Николай Козырев сидел еще с ноября 1936-го, когда его, только что уволенного из Пулковской обсерватории, арестовали как участника «фашистской троцкистско-зиновьевской террористической организации» (Пулковское дело). Многих его подельников-астрофизиков расстреляли, многие умерли в тюрьме, но Козырев выжил и в январе 1941-го получил новый срок. Козырева обвинили в том, что он придерживался теории Фридмана и Хаббла о расширении Вселенной, ныне общепринятой, что любил стихи Есенина и заявил, будто бытие не всегда определяет сознание.

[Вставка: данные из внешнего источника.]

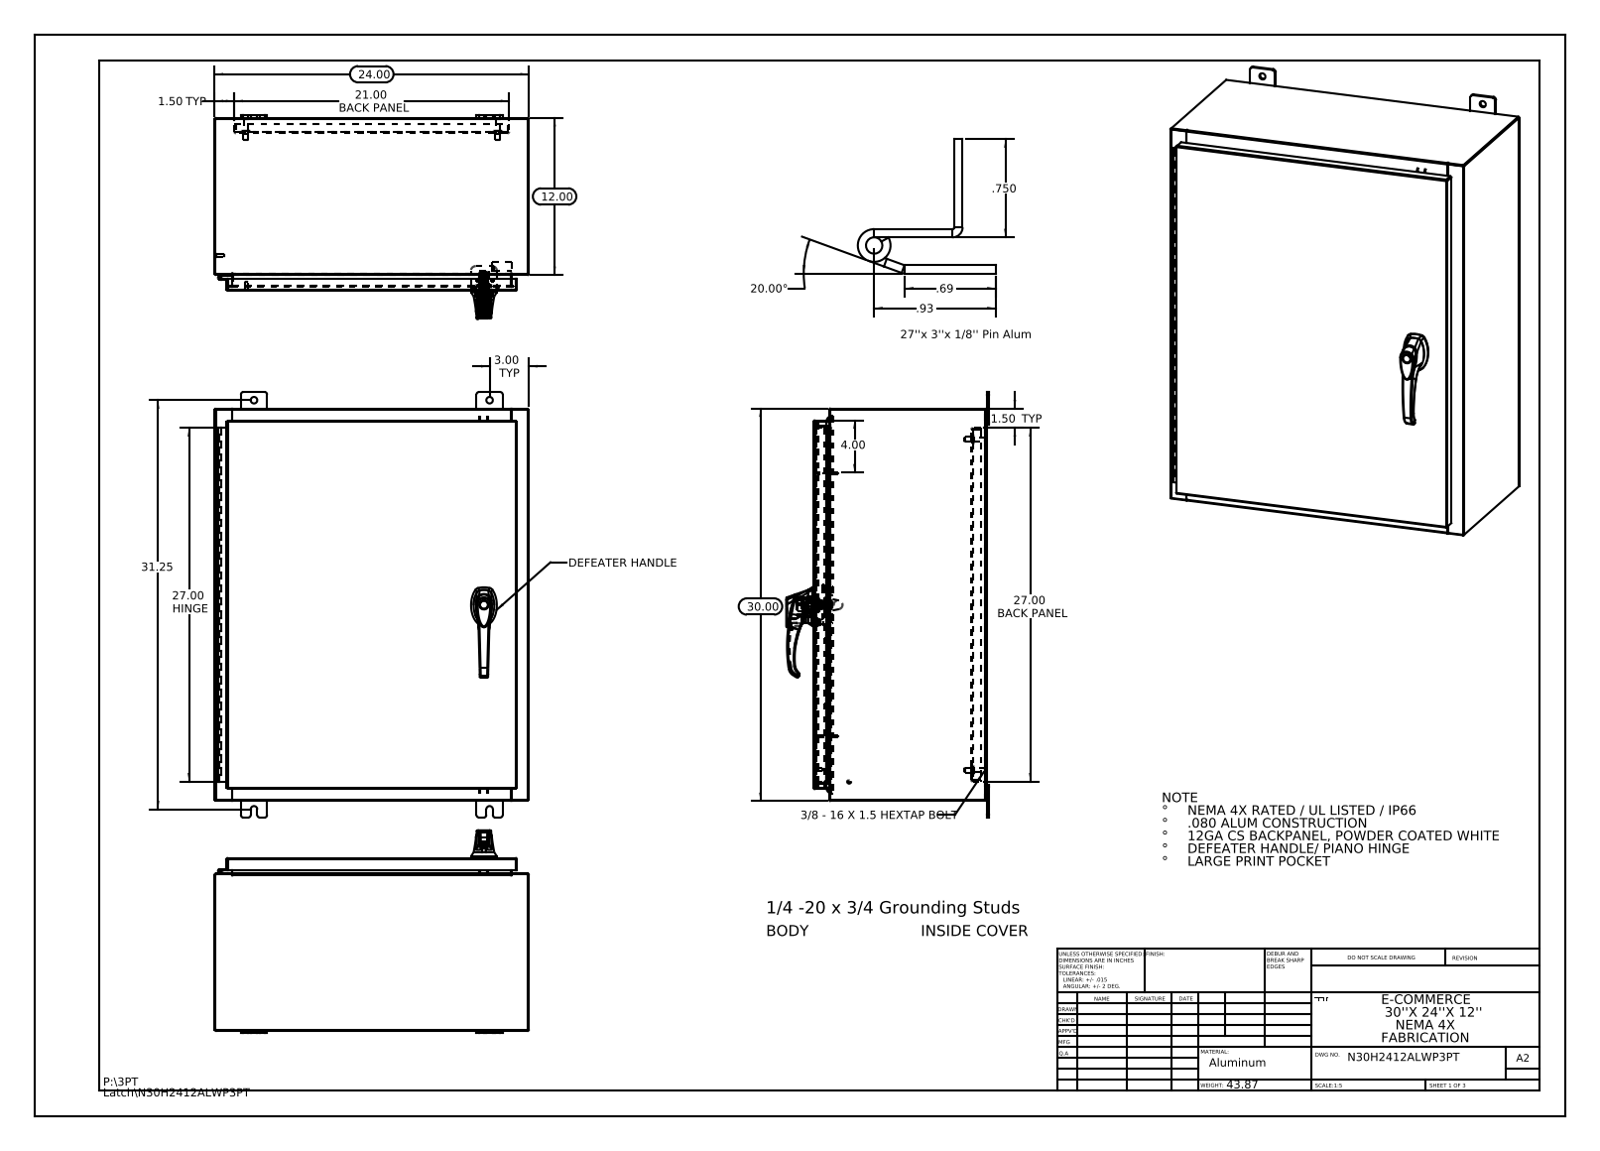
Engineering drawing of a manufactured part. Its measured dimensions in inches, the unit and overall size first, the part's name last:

Козырева привезли в Норильлаг только летом 1942-го, но именно там он, по словам Гумилева, «обрел славу». Сидя на нарах, он рассказывал интеллигентным зэкам, что «Вселенная ограниченна и имеет форму сферы, а что есть за ее пределами – неизвестно. Это поразило всех слушателей настолько, что даже военные новости, сообщаемые вольнонаемными сотрудниками комбината (вольняшками), не могли отвлечь внимание от потрясающих сведений о Космосе и Хаосе. <…> Имена Эйнштейна, Леметра, Дирака, Больцмана потрясли слушателей». Лагерные лекции Козырева пробудили у Гумилева интерес к естественным наукам, без которого никогда не было бы пассионарной теории этногенеза[19].
Гумилев и позднее будет с интересом следить за судьбой Козырева: «Не может быть, чтобы умную и верную мысль никто не понял и не оценил. Если за ближайший год он не станет первым физиком мира, то, значит, он просто академ-придурок». Первым физиком мира Козырев не станет, но и в «академ-придурки» его записывать несправедливо. Сам же Лев Николаевич со временем убедится, что признание научного сообщества даже перспективная научная идея получает не всегда, по крайней мере не сразу. Гумилевскую теорию этногенеза до сих пор не признаёт большинство историков и этнологов.
Самого же Гумилева в лагере считали не историком, а поэтом, достойным своих великих родителей. Удивительно, что с товарищами-зэками соглашался и сам Гумилев. Когда Гумилев неожиданно проиграл турнир поэтов, уступив полбалла Снегову, то пришел в ярость и устроил своему удачливому другу сцену: «Он твердил, что я поступил непорядочно, – вспоминал Снегов. – Он, это всем известно, поэт, его будущая жизнь вне литературы немыслима – он намерен стать на воле писателем и станет им наперекор всему. А я им – это тоже всем известно – физик и философ, моя будущая жизнь – наука».
Откуда этот неожиданный демарш? С чем он связан? Он как будто утратил надежду вернуться к востоковедению, к нормальной научной работе и решил избрать для себя другой путь.